Harry Vega

Personal information
- Born: September 21, 1965 (age 60) New Brunswick, New Jersey, United States
- Occupation: Jockey

Horse racing career
- Sport: Horse racing
- Career wins: 4,000+ (ongoing)

Major racing wins
- Empire Classic Handicap (2001) Pennsylvania Governor's Cup Stakes (2001) Barbara Fritchie Handicap (2002) Endine Stakes (2002) Genuine Risk Handicap (2002) Interborough Handicap (2002) Phoenix Breeders' Cup Stakes (2002) Red Bank Stakes (2002) Vagrancy Handicap (2002) Overskate Stakes (2004) Maryland Million Distaff Handicap (2005) Pennsylvania Oaks (2005) Violet Stakes (2005) Gallant Bob Handicap (2007) Conniver Stakes (2009) Henry S. Clark Stakes (2009) Marshua Stakes (2010)

Significant horses
- Xtra Heat

= Harry Vega =

American jockey (born 1965)

Harry Vega (born September 21, 1965 in New Brunswick, New Jersey) is an American jockey in Thoroughbred horse racing.

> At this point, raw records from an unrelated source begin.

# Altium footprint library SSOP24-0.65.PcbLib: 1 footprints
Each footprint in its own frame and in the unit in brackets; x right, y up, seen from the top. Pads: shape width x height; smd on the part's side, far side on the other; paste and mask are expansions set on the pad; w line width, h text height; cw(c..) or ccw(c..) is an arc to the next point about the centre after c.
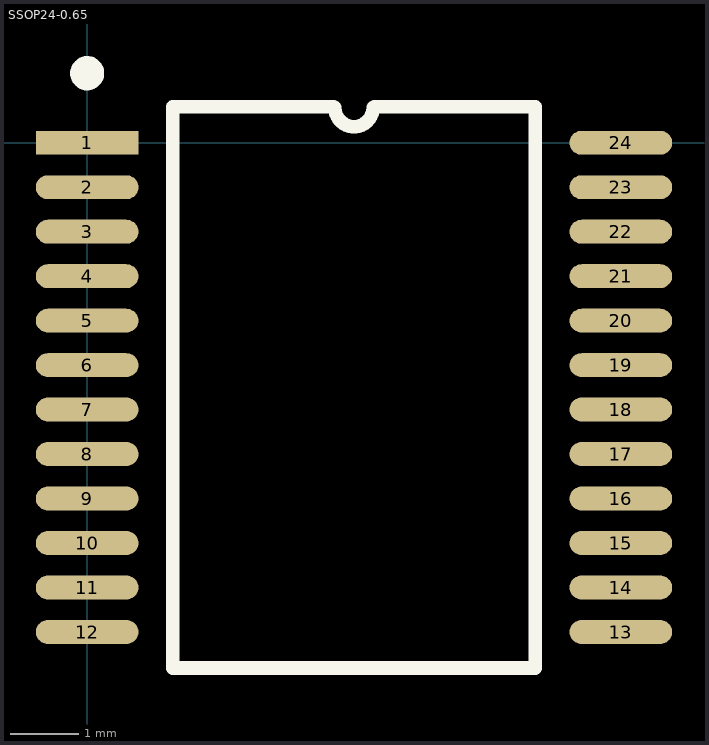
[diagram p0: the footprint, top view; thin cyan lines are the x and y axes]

## SSOP24-0.65 [mm]
pads (24):
  rect 1.5x0.35 smd: 1(0,0)
  oval 1.5x0.35 smd: 2(0,-0.65) 3(0,-1.3) 4(0,-1.95) 5(0,-2.6) 6(0,-3.25) 7(0,-3.9) 8(0,-4.55) 9(0,-5.2) 10(0,-5.85) 11(0,-6.5) 12(0,-7.15) 13(7.8,-7.15) 14(7.8,-6.5) 15(7.8,-5.85) 16(7.8,-5.2) 17(7.8,-4.55) 18(7.8,-3.9) 19(7.8,-3.25) 20(7.8,-2.6) 21(7.8,-1.95) 22(7.8,-1.3) 23(7.8,-0.65) 24(7.8,0)
Top Overlay:
  circle w0.25: c0,1.016 r0.125
  lines w0.2: 3.6,0.525 1.25,0.525 1.25,-7.675 6.55,-7.675 6.55,0.525 4.2,0.525 ; 3.619,0.514 ccw(c3.899,0.514) 4.179,0.514

Vega began his riding career in Michigan in 1983 then in the late 1980s moved to compete at tracks on the Northeast coast of the United States. A winner of more than 3,500 races in his career to date, in 2006 his 22.7 winning percentage was ninth best among all jockeys in the United States.

Harry Vega is best known as the jockey of Xtra Heat. Aboard the filly, he in 2002 he won the Barbara Fritchie Handicap, the Genuine Risk Handicap and Vagrancy Handicap and the Endine Stakes at Delaware Park Racetrack.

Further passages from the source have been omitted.